**ABOUT THIS EXERCISE**
Go through the material below, noting each line where the string "records" appears, and give only the total.

**DATASET CONTENT**
_ _ _ _
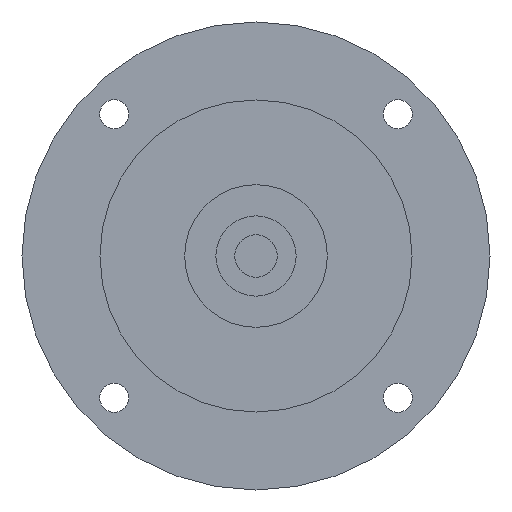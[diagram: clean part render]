
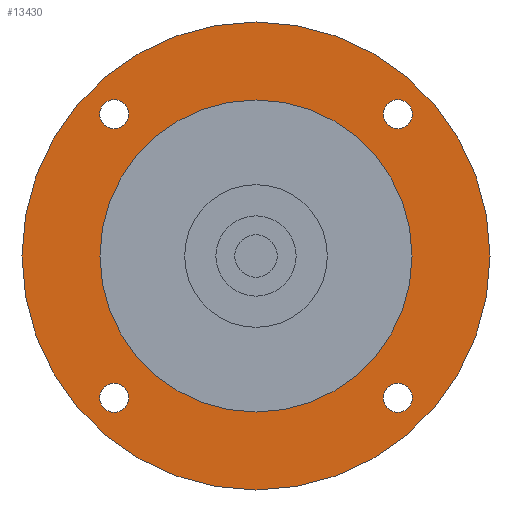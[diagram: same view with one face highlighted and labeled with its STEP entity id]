
A CAD part, left-side view. The second image highlights one B-rep face of the part: STEP entity #13430.
In plain terms, the highlighted planar face has unit normal (-1, 0, 0) as drawn and (0, 0, -1) by its records, which use the part's own axes.
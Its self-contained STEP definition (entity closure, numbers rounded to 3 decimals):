
#12270=CARTESIAN_POINT('',(-31.82,-28.57,-42.2));
#12280=VERTEX_POINT('',#12270);
#12310=CARTESIAN_POINT('',(-31.82,-31.82,-42.2));
#12320=DIRECTION('',(0.,0.,-1.));
#12330=DIRECTION('',(0.,-1.,0.));
#12340=AXIS2_PLACEMENT_3D('',#12310,#12320,#12330);
#12350=CIRCLE('',#12340,3.25);
#12360=CARTESIAN_POINT('',(-31.82,-35.07,-42.2));
#12370=VERTEX_POINT('',#12360);
#12380=EDGE_CURVE('',#12370,#12280,#12350,.T.);
#12500=CARTESIAN_POINT('',(0.,0.,
-42.2));
#12510=DIRECTION('',(0.,0.,-1.));
#12520=DIRECTION('',(1.,0.,0.));
#12530=AXIS2_PLACEMENT_3D('',#12500,#12510,#12520);
#12540=PLANE('',#12530);
#12550=CARTESIAN_POINT('',(31.82,-31.82,-42.2));
#12560=DIRECTION('',(0.,0.,-1.));
#12570=DIRECTION('',(1.,0.,0.));
#12580=AXIS2_PLACEMENT_3D('',#12550,#12560,#12570);
#12590=CIRCLE('',#12580,3.25);
#12600=CARTESIAN_POINT('',(35.07,-31.82,-42.2));
#12610=VERTEX_POINT('',#12600);
#12620=CARTESIAN_POINT('',(28.57,-31.82,-42.2));
#12630=VERTEX_POINT('',#12620);
#12640=EDGE_CURVE('',#12610,#12630,#12590,.T.);
#12650=ORIENTED_EDGE('',*,*,#12640,.F.);
#12660=EDGE_CURVE('',#12630,#12610,#12590,.T.);
#12670=ORIENTED_EDGE('',*,*,#12660,.F.);
#12680=EDGE_LOOP('',(#12670,#12650));
#12690=FACE_BOUND('',#12680,.T.);
#12700=CARTESIAN_POINT('',(0.,0.,
-42.2));
#12710=DIRECTION('',(0.,0.,-1.));
#12720=DIRECTION('',(0.,-1.,0.));
#12730=AXIS2_PLACEMENT_3D('',#12700,#12710,#12720);
#12740=CIRCLE('',#12730,52.5);
#12750=CARTESIAN_POINT('',(-52.5,0.,-42.2));
#12760=VERTEX_POINT('',#12750);
#12770=CARTESIAN_POINT('',(52.5,0.,-42.2));
#12780=VERTEX_POINT('',#12770);
#12790=EDGE_CURVE('',#12760,#12780,#12740,.T.);
#12800=ORIENTED_EDGE('',*,*,#12790,.T.);
#12810=CARTESIAN_POINT('',(0.,-52.5,-42.2));
#12820=VERTEX_POINT('',#12810);
#12830=EDGE_CURVE('',#12820,#12760,#12740,.T.);
#12840=ORIENTED_EDGE('',*,*,#12830,.T.);
#12850=EDGE_CURVE('',#12780,#12820,#12740,.T.);
#12860=ORIENTED_EDGE('',*,*,#12850,.T.);
#12870=EDGE_LOOP('',(#12860,#12840,#12800));
#12880=FACE_OUTER_BOUND('',#12870,.T.);
#12890=CARTESIAN_POINT('',(31.82,31.82,-42.2));
#12900=DIRECTION('',(0.,0.,-1.));
#12910=DIRECTION('',(0.,1.,0.));
#12920=AXIS2_PLACEMENT_3D('',#12890,#12900,#12910);
#12930=CIRCLE('',#12920,3.25);
#12940=CARTESIAN_POINT('',(31.82,35.07,-42.2));
#12950=VERTEX_POINT('',#12940);
#12960=CARTESIAN_POINT('',(31.82,28.57,-42.2));
#12970=VERTEX_POINT('',#12960);
#12980=EDGE_CURVE('',#12950,#12970,#12930,.T.);
#12990=ORIENTED_EDGE('',*,*,#12980,.F.);
#13000=EDGE_CURVE('',#12970,#12950,#12930,.T.);
#13010=ORIENTED_EDGE('',*,*,#13000,.F.);
#13020=EDGE_LOOP('',(#13010,#12990));
#13030=FACE_BOUND('',#13020,.T.);
#13040=CARTESIAN_POINT('',(-31.82,31.82,-42.2));
#13050=DIRECTION('',(0.,0.,-1.));
#13060=DIRECTION('',(-1.,0.,0.));
#13070=AXIS2_PLACEMENT_3D('',#13040,#13050,#13060);
#13080=CIRCLE('',#13070,3.25);
#13090=CARTESIAN_POINT('',(-35.07,31.82,-42.2));
#13100=VERTEX_POINT('',#13090);
#13110=CARTESIAN_POINT('',(-28.57,31.82,-42.2));
#13120=VERTEX_POINT('',#13110);
#13130=EDGE_CURVE('',#13100,#13120,#13080,.T.);
#13140=ORIENTED_EDGE('',*,*,#13130,.F.);
#13150=EDGE_CURVE('',#13120,#13100,#13080,.T.);
#13160=ORIENTED_EDGE('',*,*,#13150,.F.);
#13170=EDGE_LOOP('',(#13160,#13140));
#13180=FACE_BOUND('',#13170,.T.);
#13190=ORIENTED_EDGE('',*,*,#12380,.F.);
#13200=EDGE_CURVE('',#12280,#12370,#12350,.T.);
#13210=ORIENTED_EDGE('',*,*,#13200,.F.);
#13220=EDGE_LOOP('',(#13210,#13190));
#13230=FACE_BOUND('',#13220,.T.);
#13240=CARTESIAN_POINT('',(0.,0.,
-42.2));
#13250=DIRECTION('',(0.,0.,1.));
#13260=DIRECTION('',(0.,1.,0.));
#13270=AXIS2_PLACEMENT_3D('',#13240,#13250,#13260);
#13280=CIRCLE('',#13270,35.);
#13290=CARTESIAN_POINT('',(-35.,0.,-42.2));
#13300=VERTEX_POINT('',#13290);
#13310=CARTESIAN_POINT('',(35.,0.,-42.2));
#13320=VERTEX_POINT('',#13310);
#13330=EDGE_CURVE('',#13300,#13320,#13280,.T.);
#13340=ORIENTED_EDGE('',*,*,#13330,.T.);
#13350=CARTESIAN_POINT('',(0.,35.,-42.2));
#13360=VERTEX_POINT('',#13350);
#13370=EDGE_CURVE('',#13360,#13300,#13280,.T.);
#13380=ORIENTED_EDGE('',*,*,#13370,.T.);
#13390=EDGE_CURVE('',#13320,#13360,#13280,.T.);
#13400=ORIENTED_EDGE('',*,*,#13390,.T.);
#13410=EDGE_LOOP('',(#13400,#13380,#13340));
#13420=FACE_BOUND('',#13410,.T.);
#13430=ADVANCED_FACE('',(#12690,#12880,#13030,#13180,#13230,#13420),
#12540,.T.);
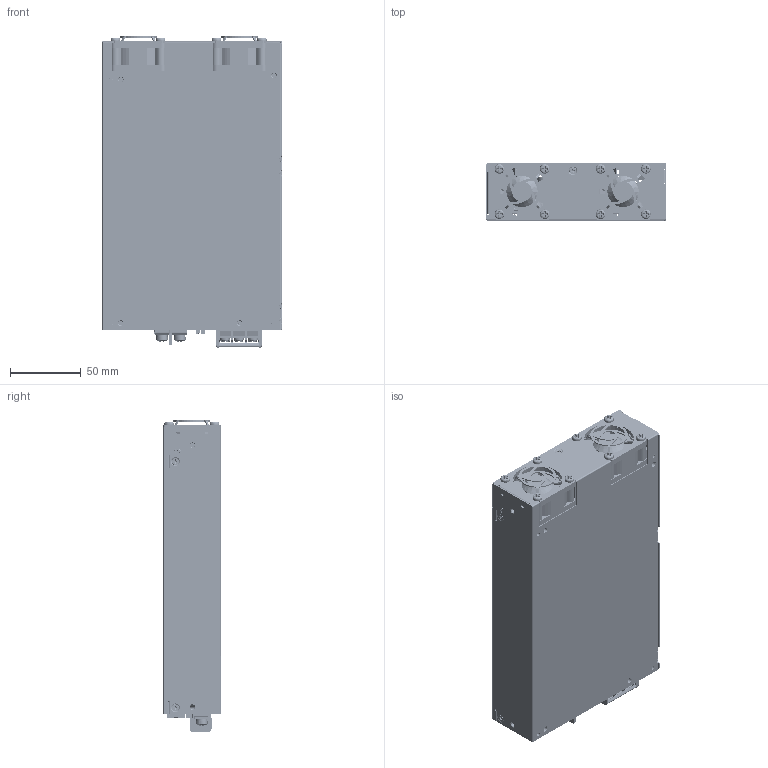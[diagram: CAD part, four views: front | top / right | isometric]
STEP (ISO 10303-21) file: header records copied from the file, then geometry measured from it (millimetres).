
FILE_DESCRIPTION (( 'STEP AP214' ), '1' );
FILE_NAME ('MEB-1K2AXXT ABX_20180822.STEP', '2024-04-29T06:12:50', ( '' ), ( '' ), 'SwSTEP 2.0', 'SolidWorks 2020', '' );
FILE_SCHEMA (( 'AUTOMOTIVE_DESIGN' ));
Length unit declared in the file: millimetre
Products named in the file (74): Z1_1_1_1; CHASSIS_1_1-398838_1_1; PLASTIC_1_1_1; HSK4_1-170715_1_1; A2008WR0-4P_1_1_1; 朴3_SPRING_WASHER_1_1_1; HSK1_1-149010_1_1; YK50A0323000G_1_1_1; TDC-588_1_1_1; 朴5_SPRING_WASHER_1_1_1; INSULATOR_9_1_1_1; HSK1_1-149000_1_1; INSULATOR3_1_1_1; C313_C304_1_1_1; C5_C6_C15_1_1_1; ISO7045-M3X6-4_8_1_1_1; HSK4_1-170727_1_1; INSULATOR_10_1_1_1; C112_1_1_1; C87_1_1_1; PIN001_1_1_1; TDC-587_1-50563_1_1; M3X9_1_1_1; 878331421_1_1_1; TDC-585_1-243764_1_1; INSULATOR_7_1_1_1; HSK_3_1_1_1; OUT_TERMINAL_1_1_1; CH1_1_1_1; HSK2_1-158528_1_1; MEB-1K1A24T_AAA_1_1_1; C303_1_1_1; VR131_1_1_1; PWB_1100W_1_1_1; HSK_4_1_1_1; HSK2_1-158538_1_1; INSULATOR_8_1_1_1; M5X8_1_1_1; KBJ2506__BD1__1_1_1_1; 878331025_1_1_1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
Assembly tree (166 placements, depth 7):
  MEB-1K2AXXT ABX_20180822
    MEB-1K2A__1
      MEB-1K1A24T_AAA_1_1_1
        CH1_1_1_1
          PWB_1100W_1_1_1
          TDC-587_1-50563_1_1
            TDC-587_1-50553_1_1
            A2008WR0-4P_1_1_1  x2
            878331025_1_1_1
            878331421_1_1_1
            A2003WR0-1BX26PA-6T_1_1_1
          DT-5C-B84W-03_1_1_1
          C112_1_1_1  x6
          C117_1_1_1
          C5_C6_C15_1_1_1  x3
          CY_1_1_1  x8
          OUT_TERMINAL_1_1_1  x2
          HSK_1_1_1_1
            HSK1_1-149010_1_1
              HSK1_1-149000_1_1
              PIN001_1_1_1
              PIN004_1_1_1
            KBJ2506__BD1__1_1_1_1  x2
            HEX_NUT_STYLE_1_GRADEAB_DIN_H_1  x2
            M3X9_1_1_1  x2
          HSK_2_1_1_1
            HSK2_1-158538_1_1
              HSK2_1-158528_1_1
              PIN001_1_1_1
              PIN004_1_1_1
            Q3_Q4_1_1_1  x2
            D10_1_1_1  x2
            HEX_NUT_STYLE_1_GRADEAB_DIN_H_1  x4
            CAP_3244081600_1_1_1  x2
            BRACKET_3421267000_1_1_1  x2
          HSK_3_1_1_1
            HSK3_1-166744_1_1
              HSK3_1-166735_1_1
              PIN001_1_1_1  x2
            Q3_Q4_1_1_1  x2
            D10_1_1_1  x2
            M3X9_1_1_1  x4
            HEX_NUT_STYLE_1_GRADEAB_DIN_H_1  x4
          HSK_4_1_1_1
            HSK4_1-170727_1_1
              HSK4_1-170715_1_1
              PIN001_1_1_1  x2
            Q102_Q101_D101_1_1_1  x4
            M3X9_1_1_1  x4
            HEX_NUT_STYLE_1_GRADEAB_DIN_H_1  x4
          INSULATOR_7_1_1_1
          INSULATOR_8_1_1_1
          Q5_Q6_1_1_1
          Z1_1_1_1
          F401_1_1_1
          C313_C304_1_1_1  x2
          C87_1_1_1  x4
          C303_1_1_1
          TDC-588_1_1_1
            TDC-588_PCB_1_1_1
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Bounding box: 127.25 x 40.5 x 219.7 mm (x, y, z)
Surface area: 455015.7 mm2 (no closed solid volume)
Topology: 0 solids, 9422 shells, 9422 faces, 48606 edges, 48550 vertices
Faces by surface type: plane 5358, cylinder 2705, bspline 845, cone 502, torus 12
Entity records: 444608 total; most frequent: CARTESIAN_POINT 207356, DIRECTION 41067, EDGE_CURVE 32524, ORIENTED_EDGE 32524, VERTEX_POINT 32524, VECTOR 20745, LINE 20745, AXIS2_PLACEMENT_3D 10161
_ _ _ _
**SOLUTION**
3